--- TASK INPUTS ---

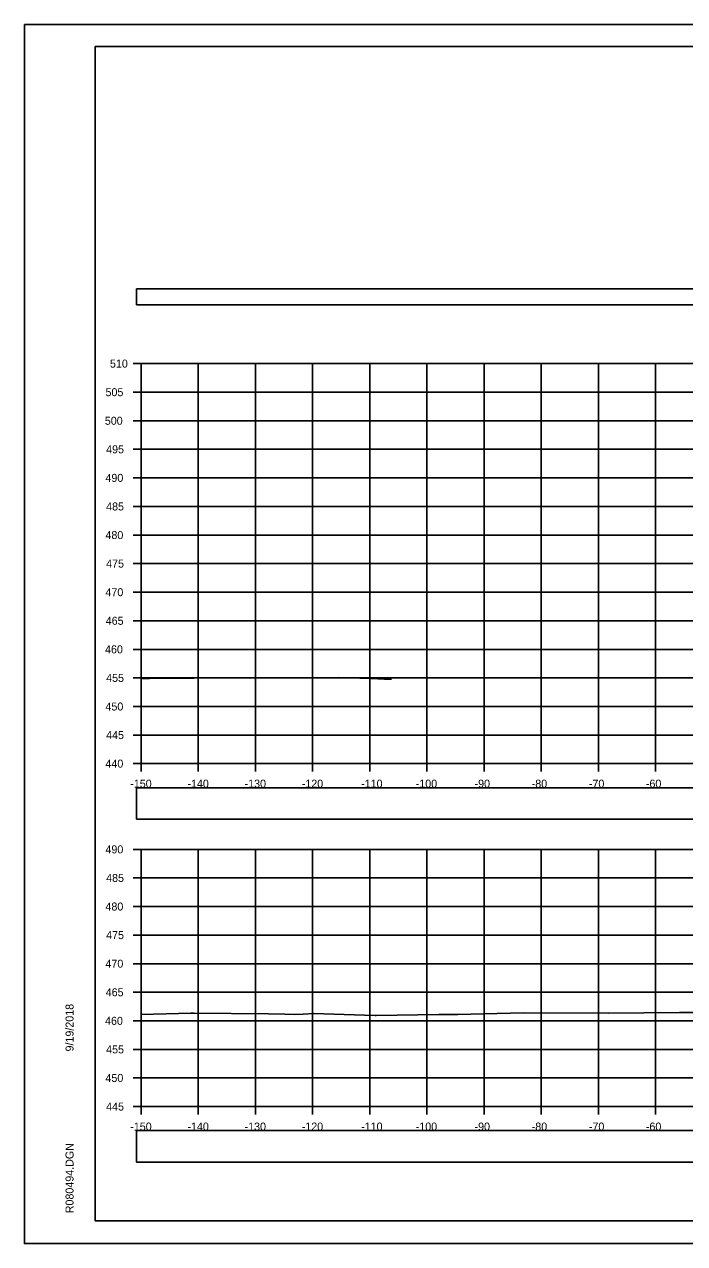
# Model space of a CAD drawing. Extents: x 1376273 to 1384221, y 378927 to 384592.
# Drawn here: x 1383887.5 to 1384003, y 380965.2 to 381178.5 of the extents above; entities that cross this region are included whole.
import ezdxf

# ---------------------------------------------------------------- set-up
doc = ezdxf.new("R2010")
doc.units = 0
for name, color, linetype in [('R_Axis', 7, 'Continuous'), ('R_Axis Annot', 7, 'Continuous'), ('R_Border', 7, 'Continuous'), ('R_Exist Surface', 7, 'Continuous'), ('R_Grid', 7, 'Continuous'), ('R_No Plot', 7, 'Continuous')]:
    doc.layers.add(name, color=color, linetype=linetype)

msp = doc.modelspace()

# ---------------------------------------------------------------- linework, layer by layer
at = {"layer": 'R_Axis'}
for p, q in [((1383906.51, 381119.17), (1383907.91, 381119.17)), ((1383907.91, 381049.17), (1383907.91, 381119.17)), ((1383906.51, 381114.17), (1383907.91, 381114.17)), ((1383906.51, 381109.17), (1383907.91, 381109.17)), ((1383906.51, 381104.17), (1383907.91, 381104.17)), ((1383906.51, 381099.17), (1383907.91, 381099.17)), ((1383906.51, 381094.17), (1383907.91, 381094.17)), ((1383906.51, 381089.17), (1383907.91, 381089.17)), ((1383906.51, 381084.17), (1383907.91, 381084.17)), ((1383906.51, 381079.17), (1383907.91, 381079.17)), ((1383906.51, 381074.17), (1383907.91, 381074.17)), ((1383906.51, 381069.17), (1383907.91, 381069.17)), ((1383906.51, 381064.17), (1383907.91, 381064.17)), ((1383906.51, 381059.17), (1383907.91, 381059.17)), ((1383906.51, 381054.17), (1383907.91, 381054.17)), ((1383906.51, 381049.17), (1383907.91, 381049.17)), ((1383907.91, 381049.17), (1384207.91, 381049.17)), ((1383907.91, 381047.77), (1383907.91, 381049.17)), ((1383917.91, 381047.77), (1383917.91, 381049.17)), ((1383927.91, 381047.77), (1383927.91, 381049.17)), ((1383937.91, 381047.77), (1383937.91, 381049.17)), ((1383947.91, 381047.77), (1383947.91, 381049.17)), ((1383957.91, 381047.77), (1383957.91, 381049.17)), ((1383967.91, 381047.77), (1383967.91, 381049.17)), ((1383977.91, 381047.77), (1383977.91, 381049.17)), ((1383987.91, 381047.77), (1383987.91, 381049.17)), ((1383997.91, 381047.77), (1383997.91, 381049.17)), ((1383906.51, 381034.17), (1383907.91, 381034.17)), ((1383907.91, 380989.17), (1383907.91, 381034.17)), ((1383906.51, 381029.17), (1383907.91, 381029.17)), ((1383906.51, 381024.17), (1383907.91, 381024.17)), ((1383906.51, 381019.17), (1383907.91, 381019.17)), ((1383906.51, 381014.17), (1383907.91, 381014.17)), ((1383906.51, 381009.17), (1383907.91, 381009.17)), ((1383906.51, 381004.17), (1383907.91, 381004.17)), ((1383906.51, 380999.17), (1383907.91, 380999.17)), ((1383906.51, 380994.17), (1383907.91, 380994.17)), ((1383906.51, 380989.17), (1383907.91, 380989.17)), ((1383907.91, 380989.17), (1384207.91, 380989.17)), ((1383907.91, 380987.77), (1383907.91, 380989.17)), ((1383917.91, 380987.77), (1383917.91, 380989.17)), ((1383927.91, 380987.77), (1383927.91, 380989.17)), ((1383937.91, 380987.77), (1383937.91, 380989.17)), ((1383947.91, 380987.77), (1383947.91, 380989.17)), ((1383957.91, 380987.77), (1383957.91, 380989.17)), ((1383967.91, 380987.77), (1383967.91, 380989.17)), ((1383977.91, 380987.77), (1383977.91, 380989.17)), ((1383987.91, 380987.77), (1383987.91, 380989.17)), ((1383997.91, 380987.77), (1383997.91, 380989.17))]:
    msp.add_line(p, q, dxfattribs=at)
at = {"layer": 'R_Axis Annot'}
for points in [[(1383907.13, 381129.43), (1384208.93, 381129.43), (1384208.93, 381132.25), (1383907.13, 381132.25)], [(1383907.13, 381039.44), (1384208.93, 381039.44), (1384208.93, 381044.96), (1383907.13, 381044.96)], [(1383907.13, 380979.43), (1384208.93, 380979.43), (1384208.93, 380984.96), (1383907.13, 380984.96)]]:
    msp.add_lwpolyline(points, close=True, dxfattribs=at)
at = {"layer": 'R_Border'}
for p, q in [((1383899.91, 381174.63), (1384216.09, 381174.63)), ((1383899.91, 380969.17), (1383899.91, 381174.63)), ((1383899.91, 380969.17), (1383899.91, 380969.17)), ((1384216.09, 380969.17), (1383899.91, 380969.17))]:
    msp.add_line(p, q, dxfattribs=at)
at = {"layer": 'R_Exist Surface'}
for points in [[(1383907.91, 381064.03), (1383909.39, 381064.09), (1383924.91, 381064.17), (1383925.83, 381064.16), (1383926.95, 381064.13), (1383929.62, 381064.16), (1383942.39, 381064.25), (1383948.11, 381064.07), (1383950.51, 381063.94), (1383951.74, 381063.94)], [(1383907.91, 381005.26), (1383916.64, 381005.49), (1383916.92, 381005.49), (1383917.01, 381005.5), (1383917.21, 381005.49), (1383930.23, 381005.39), (1383933.05, 381005.31), (1383934.8, 381005.26), (1383936.28, 381005.32), (1383938.07, 381005.48), (1383948.78, 381005.13), (1383949.03, 381005.13), (1383959.98, 381005.26), (1383963.31, 381005.28), (1383974.84, 381005.57), (1383989.63, 381005.53), (1383995.89, 381005.54), (1384002.12, 381005.61), (1384006.38, 381005.64)]]:
    msp.add_lwpolyline(points, dxfattribs=at)
at = {"layer": 'R_Grid'}
for p, q in [((1383907.91, 381119.17), (1384207.91, 381119.17)), ((1383907.91, 381049.17), (1383907.91, 381119.17)), ((1383907.91, 381119.17), (1384207.91, 381119.17)), ((1383907.91, 381049.17), (1383907.91, 381119.17)), ((1383917.91, 381049.17), (1383917.91, 381119.17)), ((1383917.91, 381049.17), (1383917.91, 381119.17)), ((1383927.91, 381049.17), (1383927.91, 381119.17)), ((1383927.91, 381049.17), (1383927.91, 381119.17)), ((1383937.91, 381049.17), (1383937.91, 381119.17)), ((1383937.91, 381049.17), (1383937.91, 381119.17)), ((1383947.91, 381049.17), (1383947.91, 381119.17)), ((1383947.91, 381049.17), (1383947.91, 381119.17)), ((1383957.91, 381049.17), (1383957.91, 381119.17)), ((1383957.91, 381049.17), (1383957.91, 381119.17)), ((1383967.91, 381049.17), (1383967.91, 381119.17)), ((1383967.91, 381049.17), (1383967.91, 381119.17)), ((1383977.91, 381049.17), (1383977.91, 381119.17)), ((1383977.91, 381049.17), (1383977.91, 381119.17)), ((1383987.91, 381049.17), (1383987.91, 381119.17)), ((1383987.91, 381049.17), (1383987.91, 381119.17)), ((1383997.91, 381049.17), (1383997.91, 381119.17)), ((1383997.91, 381049.17), (1383997.91, 381119.17)), ((1383907.91, 381114.17), (1384207.91, 381114.17)), ((1383907.91, 381114.17), (1384207.91, 381114.17)), ((1383907.91, 381109.17), (1384207.91, 381109.17)), ((1383907.91, 381109.17), (1384207.91, 381109.17)), ((1383907.91, 381104.17), (1384207.91, 381104.17)), ((1383907.91, 381104.17), (1384207.91, 381104.17)), ((1383907.91, 381099.17), (1384207.91, 381099.17)), ((1383907.91, 381099.17), (1384207.91, 381099.17)), ((1383907.91, 381094.17), (1384207.91, 381094.17)), ((1383907.91, 381094.17), (1384207.91, 381094.17)), ((1383907.91, 381089.17), (1384207.91, 381089.17)), ((1383907.91, 381089.17), (1384207.91, 381089.17)), ((1383907.91, 381084.17), (1384207.91, 381084.17)), ((1383907.91, 381084.17), (1384207.91, 381084.17)), ((1383907.91, 381079.17), (1384207.91, 381079.17)), ((1383907.91, 381079.17), (1384207.91, 381079.17)), ((1383907.91, 381074.17), (1384207.91, 381074.17)), ((1383907.91, 381074.17), (1384207.91, 381074.17)), ((1383907.91, 381069.17), (1384207.91, 381069.17)), ((1383907.91, 381069.17), (1384207.91, 381069.17)), ((1383907.91, 381064.17), (1384207.91, 381064.17)), ((1383907.91, 381064.17), (1384207.91, 381064.17)), ((1383907.91, 381059.17), (1384207.91, 381059.17)), ((1383907.91, 381059.17), (1384207.91, 381059.17)), ((1383907.91, 381054.17), (1384207.91, 381054.17)), ((1383907.91, 381054.17), (1384207.91, 381054.17)), ((1383907.91, 381049.17), (1384207.91, 381049.17)), ((1383907.91, 381049.17), (1384207.91, 381049.17)), ((1383907.91, 381034.17), (1384207.91, 381034.17)), ((1383907.91, 380989.17), (1383907.91, 381034.17)), ((1383917.91, 380989.17), (1383917.91, 381034.17)), ((1383927.91, 380989.17), (1383927.91, 381034.17)), ((1383937.91, 380989.17), (1383937.91, 381034.17)), ((1383947.91, 380989.17), (1383947.91, 381034.17)), ((1383957.91, 380989.17), (1383957.91, 381034.17)), ((1383967.91, 380989.17), (1383967.91, 381034.17)), ((1383977.91, 380989.17), (1383977.91, 381034.17)), ((1383987.91, 380989.17), (1383987.91, 381034.17)), ((1383997.91, 380989.17), (1383997.91, 381034.17)), ((1383907.91, 381029.17), (1384207.91, 381029.17)), ((1383907.91, 381024.17), (1384207.91, 381024.17)), ((1383907.91, 381019.17), (1384207.91, 381019.17)), ((1383907.91, 381014.17), (1384207.91, 381014.17)), ((1383907.91, 381009.17), (1384207.91, 381009.17)), ((1383907.91, 381004.17), (1384207.91, 381004.17)), ((1383907.91, 380999.17), (1384207.91, 380999.17)), ((1383907.91, 380994.17), (1384207.91, 380994.17)), ((1383907.91, 380989.17), (1384207.91, 380989.17))]:
    msp.add_line(p, q, dxfattribs=at)
at = {"layer": 'R_No Plot'}
for p, q in [((1383887.51, 381178.52), (1384220.84, 381178.52)), ((1383887.51, 380965.19), (1384220.84, 380965.19))]:
    msp.add_line(p, q, dxfattribs=at)
for points in [[(1383887.5, 381178.52), (1384220.84, 381178.52), (1384220.84, 380965.19), (1383887.5, 380965.19)], [(1384133.83, 381174.63), (1384133.83, 381164.75), (1384169.56, 381164.75), (1384169.56, 381161.83), (1384192.76, 381161.83), (1384192.76, 381137.5), (1384216.09, 381137.5), (1384216.09, 380969.17), (1383899.91, 380969.17), (1383899.91, 381174.63)]]:
    msp.add_lwpolyline(points, close=True, dxfattribs=at)

# ---------------------------------------------------------------- texts
at = {"layer": 'R_Axis Annot'}
for s, p in [('510', (1383902.47, 381118.47)), ('505', (1383901.69, 381113.47)), ('500', (1383901.57, 381108.47)), ('495', (1383901.8, 381103.47)), ('490', (1383901.68, 381098.47)), ('485', (1383901.8, 381093.47)), ('480', (1383901.68, 381088.47)), ('475', (1383901.8, 381083.47)), ('470', (1383901.68, 381078.47)), ('465', (1383901.73, 381073.47)), ('460', (1383901.61, 381068.47)), ('455', (1383901.8, 381063.47)), ('450', (1383901.68, 381058.47)), ('445', (1383901.8, 381053.47)), ('440', (1383901.68, 381048.47)), ('-150', (1383906.02, 381044.97)), ('-140', (1383916.02, 381044.97)), ('-130', (1383926.02, 381044.97)), ('-120', (1383936.02, 381044.97)), ('-110', (1383946.41, 381044.97)), ('-100', (1383955.96, 381044.97)), ('-90', (1383966.25, 381044.97)), ('-80', (1383976.25, 381044.97)), ('-70', (1383986.25, 381044.97)), ('-60', (1383996.22, 381044.97)), ('490', (1383901.68, 381033.47)), ('485', (1383901.8, 381028.47)), ('480', (1383901.68, 381023.47)), ('475', (1383901.8, 381018.47)), ('470', (1383901.68, 381013.47)), ('465', (1383901.73, 381008.47)), ('460', (1383901.61, 381003.47)), ('455', (1383901.8, 380998.47)), ('450', (1383901.68, 380993.47)), ('445', (1383901.8, 380988.47)), ('-150', (1383906.02, 380984.97)), ('-140', (1383916.02, 380984.97)), ('-130', (1383926.02, 380984.97)), ('-120', (1383936.02, 380984.97)), ('-110', (1383946.41, 380984.97)), ('-100', (1383955.96, 380984.97)), ('-90', (1383966.25, 380984.97)), ('-80', (1383976.25, 380984.97)), ('-70', (1383986.25, 380984.97)), ('-60', (1383996.22, 380984.97))]:
    msp.add_text(s, height=1.4, dxfattribs=at).set_placement(p)
at = {"layer": 'R_Border'}
for s, p in [('9/19/2018', (1383896.1, 380998.81)), ('R080494.DGN', (1383896.1, 380970.5))]:
    msp.add_text(s, height=1.4, rotation=90, dxfattribs=at).set_placement(p)

doc.saveas('drawing.dxf')

---

> PROMPT
Look through the records for the string "linetype". Copy every line that has it.

> RESPONSE FOR THIS EXERCISE
for name, color, linetype in [('R_Axis', 7, 'Continuous'), ('R_Axis Annot', 7, 'Continuous'), ('R_Border', 7, 'Continuous'), ('R_Exist Surface', 7, 'Continuous'), ('R_Grid', 7, 'Continuous'), ('R_No Plot', 7, 'Continuous')]:
    doc.layers.add(name, color=color, linetype=linetype)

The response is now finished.